The primary objectives are to determine whether fogging with these disinfectants results in a rapid turnaround time for reuse, whether single-use isolation medical gowns can be safely reused using these disinfectants, and which product(s) disinfects isolation gowns most effectively. Our hypothesis is that the disinfection of single-use isolation gowns with HP and HC fogging will result in a reduction in the microbial count and types similar to EO sterilization. The hope is that with inexpensive disinfectants, a rapid technique, and an easily instituted way of disinfecting gowns, there is likely to be a higher compliance resulting in safe reuse and a reduction in the bioburden on landfills while safely protecting the personnel donning the gowns and those they are in contact with.

2. Materials and Methods

2.1. Methodology

Contact plates of tryptic soy agar (TSA) (Cole-Palmer, Vernon Hills, IL, USA) were chosen for all cultures in this study with neutralizing agents of lecithin and tween 80. TSA was chosen as a general-purpose non-selective medium. Prior to culture, refrigerated contact plates were warmed for 30 min in an incubator at 37 °C to increase organism recovery [32].
Four groups were evaluated in this study, each consisting of 10 unused gowns (10 control, 10 HP, 10 HC, and 10 EO).
A control group (Group 1) consisting of ten unused isolation gowns from the packaging were cultured using a single plate per gown along the arms (4 contact points), chest and body (4 contact points), and thigh portion of the gown (2 contact points) (Figure 1). None of the gowns in the study were inoculated with specific pathogens (fungi, viruses, or bacteria).
To minimize the contamination of the plates, gloves and a respirator mask were donned prior to handling the plates. The plates were pressed to the areas being sampled by firmly pressing the convex surface in a counterclockwise manner at each contact point. Agar plates were labeled as 1–10 to represent the 10 gowns in the group. The goal was to mimic the recovery of human pathogens in clinical practice; thus, incubation of the agar plates was performed at 37 °C, similar to temperatures in the human body (35–37 °C), and the CFU (colony-forming unit)/plate counts were recorded at 48 h and 72 h into incubation. In addition, morphology at 72 h, which included microbial form, elevation, surface, opacity, pigment, and margin, was recorded. Digital images were obtained at each of the time points. CFU/plate counts were counted manually by two observers per plate.
Ten gowns were then fogged with 12% (120,000 PPM) HP (SimpleNature (brand), Pacific Innovators (manufacturer), Elk Grove Village, IL, USA) (Group 2), after donning coveralls, a respirator, gloves, goggles, and shoe covers (Figure 2).
A fogger (Ceed4U, China) that generated particle sizes of 15–20 µm, to penetrate the texture of the disposable gowns and for a more even coverage of the gowns, was used to dispense the chemical.
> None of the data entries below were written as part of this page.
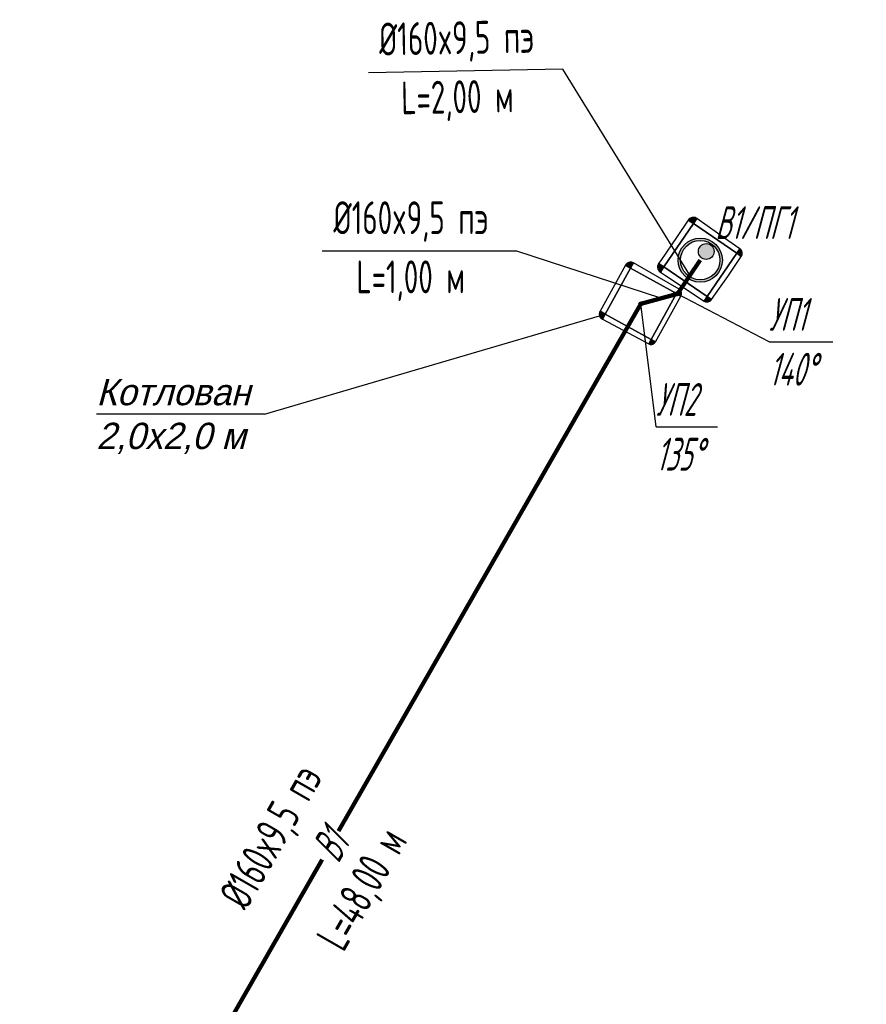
# Model space of a CAD drawing. Header units: millimetres. Extents: x 112608 to 125607, y 18336 to 42202.
# Tile 8 of 8: x 118215 to 118247, y 42164 to 42202. Entities that reach past the tile are written whole.
import ezdxf

# ---------------------------------------------------------------- set-up
doc = ezdxf.new("R2010")
doc.units = ezdxf.units.MM
doc.set_wipeout_variables(frame=1)
for name, color, linetype, lineweight in [('Линии сети', 30, 'Continuous', 30), ('Линии сети - подписи', 30, 'Continuous', 30), ('Сегменты', 30, 'Continuous', 100), ('Сегменты - подписи', 30, 'Continuous', 30), ('Узлы', 30, 'Continuous', 30), ('Узлы - подписи', 28, 'Continuous', 30)]:
    doc.layers.add(name, color=color, linetype=linetype, lineweight=lineweight)
doc.layers.add('Сегменты - элементы продольные', color=7, linetype='Continuous')
doc.layers.add('Структурные линии', color=7, linetype='Continuous')
doc.styles.add('SPDS', font='CS_Gost2304.shx', dxfattribs={"width": 0.8})
doc.styles.add('По умолчанию', font='SPDS.shx', dxfattribs={"width": 0.7, "oblique": 15, "height": 1.25})
doc.styles.add('Подписи узлов', font='SPDS.shx', dxfattribs={"width": 0.7, "oblique": 15, "height": 2.5})

# ---------------------------------------------------------------- blocks, each defined once
blk = doc.blocks.new('A$CAFF50E56')
at = {"color": 0, "linetype": 'ByBlock', "lineweight": -2}
for q in [(1221854.727, 463604.031), (1221835.353, 463600.228)]:
    blk.add_line((1221841.753, 463600.228), q, dxfattribs=at)
at = {"color": 0, "linetype": 'ByBlock', "lineweight": -2, "insert": (1221835.353, 463601.562), "char_height": 1, "attachment_point": 1}
blk.add_mtext('\\W1.00;\\Q15.00;Котлован\\P2,0х2,0 м', dxfattribs=at)
blk = doc.blocks.new('*Колодец внутренним диаметром 1.5 м [c211ca4e-86ca-4649-95ee-f18b9289219f]154')
at = {"linetype": 'Continuous'}
h = blk.add_hatch(color=30, dxfattribs=at)
h.paths.add_polyline_path([(-0.507, -0.67, 1), (0.507, 0.67, 1)])
h.paths.add_polyline_path([(0.452, 0.598, -1), (-0.452, -0.598, -1)], flags=16)
h.paths.add_polyline_path([(0.581, 0.238, -1), (0.219, -0.241, -1)], flags=0)
blk.add_hatch(color=30, dxfattribs=at).paths.add_polyline_path([(0.219, -0.241), (0.227, -0.247), (0.236, -0.253), (0.245, -0.258), (0.254, -0.264), (0.263, -0.269), (0.273, -0.273), (0.282, -0.278), (0.292, -0.281), (0.302, -0.285), (0.312, -0.288), (0.322, -0.291), (0.332, -0.294), (0.342, -0.296), (0.353, -0.298), (0.363, -0.299), (0.373, -0.3), (0.384, -0.301), (0.394, -0.302), (0.405, -0.302), (0.415, -0.301), (0.426, -0.301), (0.436, -0.299), (0.446, -0.298), (0.457, -0.296), (0.467, -0.294), (0.477, -0.292), (0.487, -0.289), (0.497, -0.285), (0.507, -0.282), (0.517, -0.278), (0.526, -0.274), (0.536, -0.269), (0.545, -0.264), (0.554, -0.259), (0.563, -0.254), (0.572, -0.248), (0.58, -0.242), (0.588, -0.235), (0.596, -0.228), (0.604, -0.221), (0.612, -0.214), (0.619, -0.207), (0.626, -0.199), (0.633, -0.191), (0.639, -0.183), (0.645, -0.174), (0.651, -0.165), (0.657, -0.157), (0.662, -0.148), (0.667, -0.138), (0.672, -0.129), (0.676, -0.119), (0.68, -0.11), (0.683, -0.1), (0.687, -0.09), (0.69, -0.08), (0.692, -0.07), (0.694, -0.059), (0.696, -0.049), (0.698, -0.039), (0.699, -0.028), (0.7, -0.018), (0.7, -0.007), (0.7, 0.003), (0.7, 0.014), (0.699, 0.024), (0.698, 0.034), (0.696, 0.045), (0.695, 0.055), (0.692, 0.065), (0.69, 0.075), (0.687, 0.086), (0.684, 0.096), (0.68, 0.105), (0.676, 0.115), (0.672, 0.125), (0.668, 0.134), (0.663, 0.143), (0.657, 0.152), (0.652, 0.161), (0.646, 0.17), (0.64, 0.178), (0.633, 0.187), (0.627, 0.195), (0.62, 0.203), (0.613, 0.21), (0.605, 0.217), (0.597, 0.224), (0.589, 0.231), (0.581, 0.238), (0.573, 0.244), (0.564, 0.25), (0.555, 0.255), (0.546, 0.26), (0.537, 0.265), (0.527, 0.27), (0.518, 0.274), (0.508, 0.278), (0.498, 0.282), (0.488, 0.285), (0.478, 0.288), (0.468, 0.291), (0.458, 0.293), (0.447, 0.295), (0.437, 0.296), (0.427, 0.297), (0.416, 0.298), (0.406, 0.298), (0.395, 0.298), (0.385, 0.298), (0.374, 0.297), (0.364, 0.296), (0.354, 0.295), (0.343, 0.293), (0.333, 0.291), (0.323, 0.288), (0.313, 0.285), (0.303, 0.282), (0.293, 0.279), (0.283, 0.275), (0.274, 0.271), (0.264, 0.266), (0.255, 0.261), (0.246, 0.256), (0.237, 0.25), (0.228, 0.244), (0.22, 0.238), (0.212, 0.232), (0.204, 0.225), (0.196, 0.218), (0.188, 0.211), (0.181, 0.203), (0.174, 0.196), (0.167, 0.188), (0.161, 0.179), (0.155, 0.171), (0.149, 0.162), (0.143, 0.153), (0.138, 0.144), (0.133, 0.135), (0.128, 0.126), (0.124, 0.116), (0.12, 0.106), (0.117, 0.097), (0.113, 0.087), (0.11, 0.077), (0.108, 0.066), (0.106, 0.056), (0.104, 0.046), (0.102, 0.035), (0.101, 0.025), (0.1, 0.015), (0.1, 0.004), (0.1, -0.006), (0.1, -0.017), (0.101, -0.027), (0.102, -0.038), (0.104, -0.048), (0.105, -0.058), (0.108, -0.069), (0.11, -0.079), (0.113, -0.089), (0.116, -0.099), (0.12, -0.109), (0.124, -0.118), (0.128, -0.128), (0.132, -0.137), (0.137, -0.147), (0.143, -0.156), (0.148, -0.165), (0.154, -0.173), (0.16, -0.182), (0.166, -0.19), (0.173, -0.198), (0.18, -0.206), (0.187, -0.213), (0.195, -0.221), (0.203, -0.228), (0.211, -0.234)])
at = {"color": 30, "linetype": 'Continuous'}
for centre, radius in [((0, 0), 0.84), ((0, 0), 0.75), ((0.4, -0.002), 0.3)]:
    blk.add_circle(centre, radius, dxfattribs=at)
blk = doc.blocks.new('A$C70DB62E4')
at = {"color": 0, "linetype": 'ByBlock', "lineweight": -2}
for q in [(1221857.477, 463604.807), (1221863.397, 463602.974)]:
    blk.add_line((1221860.969, 463602.974), q, dxfattribs=at)
at = {"color": 0, "linetype": 'ByBlock', "lineweight": -2, "insert": (1221860.969, 463604.641), "char_height": 1.25, "attachment_point": 1, "style": 'Подписи узлов'}
blk.add_mtext('\\W0.70;\\Q15.00;УП1\\P140°', dxfattribs=at)
blk = doc.blocks.new('*Угол поворота [e2afe987-e4a5-4e6d-9552-8711103c3f5b]156')
at = {"linetype": 'Continuous'}
blk.add_hatch(color=30, dxfattribs=at).paths.add_polyline_path([(0.075, 0, 1), (-0.075, 0, 1)])
at = {"color": 30, "linetype": 'Continuous'}
blk.add_circle((0, 0), 0.075, dxfattribs=at)
blk = doc.blocks.new('A$C87A8A66F')
at = {"color": 0, "linetype": 'ByBlock', "lineweight": -2}
for q in [(1221856.087, 463604.421), (1221859.007, 463599.74)]:
    blk.add_line((1221856.667, 463599.74), q, dxfattribs=at)
at = {"color": 0, "linetype": 'ByBlock', "lineweight": -2, "insert": (1221856.667, 463601.406), "char_height": 1.25, "attachment_point": 1, "style": 'Подписи узлов'}
blk.add_mtext('\\W0.70;\\Q15.00;УП2\\P135°', dxfattribs=at)

msp = doc.modelspace()

# ---------------------------------------------------------------- linework, layer by layer
at = {"layer": 'Линии сети', "color": 18, "linetype": 'Continuous', "lineweight": 30, "true_color": 0x000000, "flags": 128}
for points in [[(118241.001, 42192.539), (118240.128, 42191.26)], [(118240.128, 42191.26), (118238.737, 42190.874)], [(118238.737, 42190.874), (118215.083, 42149.661)]]:
    msp.add_lwpolyline(points, dxfattribs=at)
at = {"layer": 'Сегменты', "color": 18, "linetype": 'Continuous', "lineweight": 100, "true_color": 0x000000, "flags": 128}
for points in [[(118241.001, 42192.539), (118240.128, 42191.26)], [(118240.128, 42191.26), (118238.737, 42190.874)], [(118238.737, 42190.874), (118215.083, 42149.661)]]:
    msp.add_lwpolyline(points, dxfattribs=at)
at = {"layer": 'Сегменты - подписи', "color": 18, "true_color": 0x000000, "flags": 128}
for points in [[(118240.608, 42191.963), (118235.772, 42199.81), (118228.364, 42199.666)], [(118239.502, 42191.087), (118234.012, 42192.881), (118226.602, 42192.881)]]:
    msp.add_lwpolyline(points, dxfattribs=at)
at = {"layer": 'Сегменты - элементы продольные', "color": 18, "linetype": 'Continuous', "lineweight": -3, "true_color": 0x000000, "flags": 128}
for points in [[(118241.001, 42192.539), (118240.128, 42191.26)], [(118240.128, 42191.26), (118238.737, 42190.874)], [(118238.737, 42190.874), (118215.083, 42149.661)]]:
    msp.add_lwpolyline(points, dxfattribs=at)
at = {"layer": 'Структурные линии', "color": 18, "linetype": 'Continuous', "lineweight": -3, "true_color": 0x000000}
for points in [[(118241.431, 42191.034, 239.438), (118241.733, 42191.47, 239.476), (118242.045, 42191.919, 239.516), (118242.564, 42192.682, 239.5), (118242.58, 42192.711, 239.5), (118242.592, 42192.742, 239.5), (118242.599, 42192.774, 239.5), (118242.6, 42192.807, 239.501), (118242.597, 42192.839, 239.502), (118242.589, 42192.871, 239.503), (118242.575, 42192.901, 239.505), (118242.557, 42192.929, 239.507), (118242.535, 42192.954, 239.509), (118242.519, 42192.967, 239.511), (118242.51, 42192.974, 239.511), (118242.051, 42193.291, 239.539), (118240.872, 42194.123, 239.754), (118240.84, 42194.141, 239.76), (118240.806, 42194.155, 239.765), (118240.77, 42194.163, 239.77), (118240.733, 42194.165, 239.775), (118240.696, 42194.162, 239.779), (118240.66, 42194.152, 239.783), (118240.625, 42194.137, 239.786), (118240.594, 42194.117, 239.788), (118240.566, 42194.092, 239.79), (118240.543, 42194.063, 239.79), (118240.115, 42193.437, 239.792), (118239.497, 42192.529, 239.773), (118239.416, 42192.411, 239.772), (118239.398, 42192.378, 239.771), (118239.385, 42192.344, 239.77), (118239.377, 42192.307, 239.767), (118239.376, 42192.27, 239.764), (118239.38, 42192.234, 239.76), (118239.39, 42192.198, 239.756), (118239.406, 42192.165, 239.751), (118239.426, 42192.134, 239.745), (118239.451, 42192.107, 239.74), (118239.48, 42192.085, 239.734), (118239.683, 42191.951, 239.697), (118241.148, 42190.981, 239.441), (118241.163, 42190.973, 239.438), (118241.176, 42190.965, 239.437), (118241.206, 42190.954, 239.435), (118241.237, 42190.948, 239.434), (118241.269, 42190.946, 239.433), (118241.301, 42190.95, 239.433), (118241.331, 42190.958, 239.433), (118241.36, 42190.971, 239.433), (118241.387, 42190.988, 239.434), (118241.411, 42191.01, 239.436)], [(118240.74, 42193.929, 237.406), (118240.543, 42194.063, 239.79), (118240.115, 42193.437, 239.792), (118239.497, 42192.529, 239.773), (118239.416, 42192.411, 239.772), (118239.612, 42192.277, 237.406)], [(118241.263, 42191.149, 237.406), (118242.391, 42192.801, 237.406), (118240.74, 42193.929, 237.406), (118239.612, 42192.277, 237.406)], [(118240.74, 42193.929, 237.406), (118240.566, 42194.092, 239.79), (118240.543, 42194.063, 239.79)], [(118240.74, 42193.929, 237.406), (118240.594, 42194.117, 239.788), (118240.566, 42194.092, 239.79)], [(118240.74, 42193.929, 237.406), (118240.625, 42194.137, 239.786), (118240.594, 42194.117, 239.788)], [(118240.74, 42193.929, 237.406), (118240.66, 42194.152, 239.783), (118240.625, 42194.137, 239.786)], [(118240.74, 42193.929, 237.406), (118240.696, 42194.162, 239.779), (118240.66, 42194.152, 239.783)], [(118240.74, 42193.929, 237.406), (118240.733, 42194.165, 239.775), (118240.696, 42194.162, 239.779)], [(118240.74, 42193.929, 237.406), (118240.77, 42194.163, 239.77), (118240.733, 42194.165, 239.775)], [(118240.74, 42193.929, 237.406), (118240.806, 42194.155, 239.765), (118240.77, 42194.163, 239.77)], [(118240.74, 42193.929, 237.406), (118240.84, 42194.141, 239.76), (118240.806, 42194.155, 239.765)], [(118240.74, 42193.929, 237.406), (118240.872, 42194.123, 239.754), (118240.84, 42194.141, 239.76)], [(118242.391, 42192.801, 237.406), (118242.51, 42192.974, 239.511), (118242.051, 42193.291, 239.539), (118240.872, 42194.123, 239.754), (118240.74, 42193.929, 237.406)], [(118241.263, 42191.149, 237.406), (118241.431, 42191.034, 239.438), (118241.733, 42191.47, 239.476), (118242.045, 42191.919, 239.516), (118242.564, 42192.682, 239.5), (118242.391, 42192.801, 237.406)], [(118242.391, 42192.801, 237.406), (118242.535, 42192.954, 239.509), (118242.519, 42192.967, 239.511), (118242.51, 42192.974, 239.511)], [(118242.391, 42192.801, 237.406), (118242.557, 42192.929, 239.507), (118242.535, 42192.954, 239.509)], [(118242.391, 42192.801, 237.406), (118242.575, 42192.901, 239.505), (118242.557, 42192.929, 239.507)], [(118242.391, 42192.801, 237.406), (118242.589, 42192.871, 239.503), (118242.575, 42192.901, 239.505)], [(118242.391, 42192.801, 237.406), (118242.597, 42192.839, 239.502), (118242.589, 42192.871, 239.503)], [(118242.391, 42192.801, 237.406), (118242.6, 42192.807, 239.501), (118242.597, 42192.839, 239.502)], [(118242.391, 42192.801, 237.406), (118242.599, 42192.774, 239.5), (118242.6, 42192.807, 239.501)], [(118242.391, 42192.801, 237.406), (118242.564, 42192.682, 239.5), (118242.58, 42192.711, 239.5)], [(118242.391, 42192.801, 237.406), (118242.58, 42192.711, 239.5), (118242.592, 42192.742, 239.5)], [(118242.391, 42192.801, 237.406), (118242.592, 42192.742, 239.5), (118242.599, 42192.774, 239.5)], [(118239.29, 42189.425, 239.512), (118240.055, 42190.799, 239.545), (118240.264, 42191.172, 239.558), (118240.276, 42191.199, 239.559), (118240.284, 42191.228, 239.561), (118240.288, 42191.258, 239.563), (118240.287, 42191.288, 239.566), (118240.281, 42191.318, 239.57), (118240.271, 42191.346, 239.574), (118240.257, 42191.373, 239.578), (118240.238, 42191.397, 239.582), (118240.216, 42191.417, 239.587), (118240.191, 42191.435, 239.591), (118239.773, 42191.674, 239.661), (118238.456, 42192.43, 239.891), (118238.424, 42192.445, 239.897), (118238.39, 42192.455, 239.902), (118238.355, 42192.46, 239.906), (118238.319, 42192.458, 239.911), (118238.284, 42192.452, 239.914), (118238.251, 42192.439, 239.917), (118238.22, 42192.422, 239.919), (118238.192, 42192.4, 239.921), (118238.168, 42192.374, 239.921), (118238.148, 42192.344, 239.921), (118237.183, 42190.592, 239.877), (118237.168, 42190.56, 239.876), (118237.159, 42190.527, 239.874), (118237.156, 42190.492, 239.871), (118237.158, 42190.457, 239.868), (118237.165, 42190.423, 239.864), (118237.177, 42190.391, 239.859), (118237.195, 42190.361, 239.854), (118237.217, 42190.334, 239.849), (118237.243, 42190.311, 239.844), (118237.272, 42190.293, 239.838), (118239.036, 42189.35, 239.536), (118239.063, 42189.338, 239.531), (118239.092, 42189.331, 239.527), (118239.121, 42189.328, 239.523), (118239.15, 42189.329, 239.52), (118239.179, 42189.335, 239.517), (118239.206, 42189.346, 239.515), (118239.232, 42189.361, 239.513), (118239.255, 42189.379, 239.512), (118239.274, 42189.4, 239.511)], [(118238.347, 42192.234, 237.648), (118238.148, 42192.344, 239.921), (118237.183, 42190.592, 239.877), (118237.378, 42190.484, 237.648)], [(118238.347, 42192.234, 237.648), (118238.168, 42192.374, 239.921), (118238.148, 42192.344, 239.921)], [(118238.347, 42192.234, 237.648), (118238.192, 42192.4, 239.921), (118238.168, 42192.374, 239.921)], [(118238.347, 42192.234, 237.648), (118238.22, 42192.422, 239.919), (118238.192, 42192.4, 239.921)], [(118238.347, 42192.234, 237.648), (118238.251, 42192.439, 239.917), (118238.22, 42192.422, 239.919)], [(118238.347, 42192.234, 237.648), (118238.284, 42192.452, 239.914), (118238.251, 42192.439, 239.917)], [(118238.347, 42192.234, 237.648), (118238.319, 42192.458, 239.911), (118238.284, 42192.452, 239.914)], [(118238.347, 42192.234, 237.648), (118238.355, 42192.46, 239.906), (118238.319, 42192.458, 239.911)], [(118238.347, 42192.234, 237.648), (118238.39, 42192.455, 239.902), (118238.355, 42192.46, 239.906)], [(118238.347, 42192.234, 237.648), (118238.424, 42192.445, 239.897), (118238.39, 42192.455, 239.902)], [(118238.347, 42192.234, 237.648), (118238.456, 42192.43, 239.891), (118238.424, 42192.445, 239.897)], [(118240.097, 42191.265, 237.648), (118240.191, 42191.435, 239.591), (118239.773, 42191.674, 239.661), (118238.456, 42192.43, 239.891), (118238.347, 42192.234, 237.648)], [(118239.612, 42192.277, 237.406), (118239.385, 42192.344, 239.77), (118239.377, 42192.307, 239.767)], [(118239.612, 42192.277, 237.406), (118239.398, 42192.378, 239.771), (118239.385, 42192.344, 239.77)], [(118239.612, 42192.277, 237.406), (118239.416, 42192.411, 239.772), (118239.398, 42192.378, 239.771)], [(118239.127, 42189.515, 237.648), (118240.097, 42191.265, 237.648), (118238.347, 42192.234, 237.648), (118237.378, 42190.484, 237.648)], [(118239.612, 42192.277, 237.406), (118239.377, 42192.307, 239.767), (118239.376, 42192.27, 239.764)], [(118239.612, 42192.277, 237.406), (118239.376, 42192.27, 239.764), (118239.38, 42192.234, 239.76)], [(118239.612, 42192.277, 237.406), (118239.38, 42192.234, 239.76), (118239.39, 42192.198, 239.756)], [(118239.612, 42192.277, 237.406), (118239.39, 42192.198, 239.756), (118239.406, 42192.165, 239.751)], [(118239.612, 42192.277, 237.406), (118239.406, 42192.165, 239.751), (118239.426, 42192.134, 239.745)], [(118239.612, 42192.277, 237.406), (118239.426, 42192.134, 239.745), (118239.451, 42192.107, 239.74)], [(118239.612, 42192.277, 237.406), (118239.451, 42192.107, 239.74), (118239.48, 42192.085, 239.734)], [(118239.612, 42192.277, 237.406), (118239.48, 42192.085, 239.734), (118239.683, 42191.951, 239.697), (118241.148, 42190.981, 239.441), (118241.263, 42191.149, 237.406)], [(118239.127, 42189.515, 237.648), (118239.29, 42189.425, 239.512), (118240.055, 42190.799, 239.545), (118240.264, 42191.172, 239.558), (118240.097, 42191.265, 237.648)], [(118240.097, 42191.265, 237.648), (118240.216, 42191.417, 239.587), (118240.191, 42191.435, 239.591)], [(118240.097, 42191.265, 237.648), (118240.238, 42191.397, 239.582), (118240.216, 42191.417, 239.587)], [(118240.097, 42191.265, 237.648), (118240.257, 42191.373, 239.578), (118240.238, 42191.397, 239.582)], [(118240.097, 42191.265, 237.648), (118240.271, 42191.346, 239.574), (118240.257, 42191.373, 239.578)], [(118240.097, 42191.265, 237.648), (118240.281, 42191.318, 239.57), (118240.271, 42191.346, 239.574)], [(118240.097, 42191.265, 237.648), (118240.287, 42191.288, 239.566), (118240.281, 42191.318, 239.57)], [(118240.097, 42191.265, 237.648), (118240.288, 42191.258, 239.563), (118240.287, 42191.288, 239.566)], [(118240.097, 42191.265, 237.648), (118240.264, 42191.172, 239.558), (118240.276, 42191.199, 239.559)], [(118240.097, 42191.265, 237.648), (118240.276, 42191.199, 239.559), (118240.284, 42191.228, 239.561)], [(118240.097, 42191.265, 237.648), (118240.284, 42191.228, 239.561), (118240.288, 42191.258, 239.563)], [(118241.263, 42191.149, 237.406), (118241.148, 42190.981, 239.441), (118241.163, 42190.973, 239.438), (118241.176, 42190.965, 239.437)], [(118241.263, 42191.149, 237.406), (118241.176, 42190.965, 239.437), (118241.206, 42190.954, 239.435)], [(118241.263, 42191.149, 237.406), (118241.206, 42190.954, 239.435), (118241.237, 42190.948, 239.434)], [(118241.263, 42191.149, 237.406), (118241.237, 42190.948, 239.434), (118241.269, 42190.946, 239.433)], [(118241.263, 42191.149, 237.406), (118241.269, 42190.946, 239.433), (118241.301, 42190.95, 239.433)], [(118241.263, 42191.149, 237.406), (118241.301, 42190.95, 239.433), (118241.331, 42190.958, 239.433)], [(118241.263, 42191.149, 237.406), (118241.331, 42190.958, 239.433), (118241.36, 42190.971, 239.433)], [(118241.263, 42191.149, 237.406), (118241.36, 42190.971, 239.433), (118241.387, 42190.988, 239.434)], [(118241.263, 42191.149, 237.406), (118241.387, 42190.988, 239.434), (118241.411, 42191.01, 239.436)], [(118241.263, 42191.149, 237.406), (118241.411, 42191.01, 239.436), (118241.431, 42191.034, 239.438)], [(118237.378, 42190.484, 237.648), (118237.159, 42190.527, 239.874), (118237.156, 42190.492, 239.871)], [(118237.378, 42190.484, 237.648), (118237.156, 42190.492, 239.871), (118237.158, 42190.457, 239.868)], [(118237.378, 42190.484, 237.648), (118237.158, 42190.457, 239.868), (118237.165, 42190.423, 239.864)], [(118237.378, 42190.484, 237.648), (118237.168, 42190.56, 239.876), (118237.159, 42190.527, 239.874)], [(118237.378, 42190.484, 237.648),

All fogging took place outdoors in a shaded area to limit ultraviolet light exposure and the potential deactivation of chemicals. Fogging was performed outdoors rather than indoors to prevent the continued exposure of humans indoors to disinfectants (HP and HC) and prevent the use of further disinfectants to remove HP and HC. Once fogging was completed, gowns were brought back indoors for an additional 4 h of drying time. Contact plates were then used to culture the gowns along the arms, thighs, and chest, similar to the control group. CFU/plate counts, as well as microbial characteristics to determine types, were recorded, similar to the control group. Digital images were obtained similar to group 1 at both time points into incubation. The fogging system was then cleaned out with mild detergent and copious water, as well as a run time with water alone for 5 min, prior to use with HC.
The procedure was repeated using the fogger filled with 500 PPM HC (Aquaclense (brand), Aqua Science (manufacturer), Newark, DE, USA) (Group 3) for another 10 gowns after the fogger. Methods similar to HP were utilized to fog the gowns and allow for disinfection. Cultures were performed in a similar manner to Groups 1 and 2.
Lastly, 10 gowns (Group 4) were sterilized using an EO sterilizer (Andersen EOGas Sterilizer AN333, and Andersen Abator AN5200, Haw River, NC, USA) using standard techniques [33]. The 5 stages of EO sterilization were instituted, including preconditioning and humidification, EO gas introduction, exposure, evacuation, and aeration. The EO sterilizer was used as an integrated aeration built into the cycle. The cycle length was 16 h, including aeration time. Mechanical aeration allowed for the desorption of the toxic residues. CFU/plate counts, as well as microbial characteristics, were recorded, similar to the control group.

2.2. Statistical Analysis

Intraclass correlation coefficient (ICC) was used to assess the agreement between the CFU counts of Reader 1 and Reader 2. The CFU counts of Reader 1 (SI) and Reader 2 (AV) were averaged if the ICC was 0.9 or more and statistical significance was detected (p < 0.05).
The percentage reduction in CFU counts was calculated for each plate in the EO, HP, and HC groups. The number of CFU counts per plate in a certain treatment group at a certain follow-up time was divided by the average number of CFU counts across all control plates at the same follow-up time and multiplied by 100.
Boxplots were created to visually compare the CFU counts, percent reduction across disinfectant methods, and number of microbe types. CFU counts, percent reductions, and number of microbe types lying 1.5 × IQR (interquartile range) below the first quartile or above the fourth quartile were classified as outliers. The Kruskal–Wallis test was used to detect significant differences among the treatment groups. Dunn’s test was used to detect pairwise differences using Bonferroni’s correction for multiple comparisons.

3. Results

Statistical analysis was run using RStudio 2024.09.0+375 (R Core Team 2024). R: A Language and Environment for Statistical Computing (R Foundation for Statistical Computing, Vienna, Austria, https://www.R-project.org/). Since the ICC was 1 (p < 0.0001) (Figure 3), the two reads for each plate were averaged into a single value.
Median CFU counts at 48 h for the control, EO, HP, and HC groups were 4.5 (IQR: 2–6.75; mean: 4.65), 0 (IQR: 0–1; mean: 0.6), 0 (IQR: 0–0; mean: 0), and 0 (IQR: 0–0; mean: 1.1), respectively. At 72 h, the median CFU counts were 107 (IQR: 6.75–200; mean: 103.25), 0 (IQR: 0–1.75; mean: 12.05), 0 (IQR: 0–0; mean: 0), and 0 (IQR: 0–0.75; mean: 1.4), respectively. The Kruskal–Wallis test detected a significant difference among CFU counts at 48 and 72 h (p < 0.0001) (Figure 4).
Post hoc pairwise comparisons using Dunn’s test found that CFU counts for EO, HP, and HC were significantly lower than those of controls (Table 1), though no differences were detected among the non-control treatment groups.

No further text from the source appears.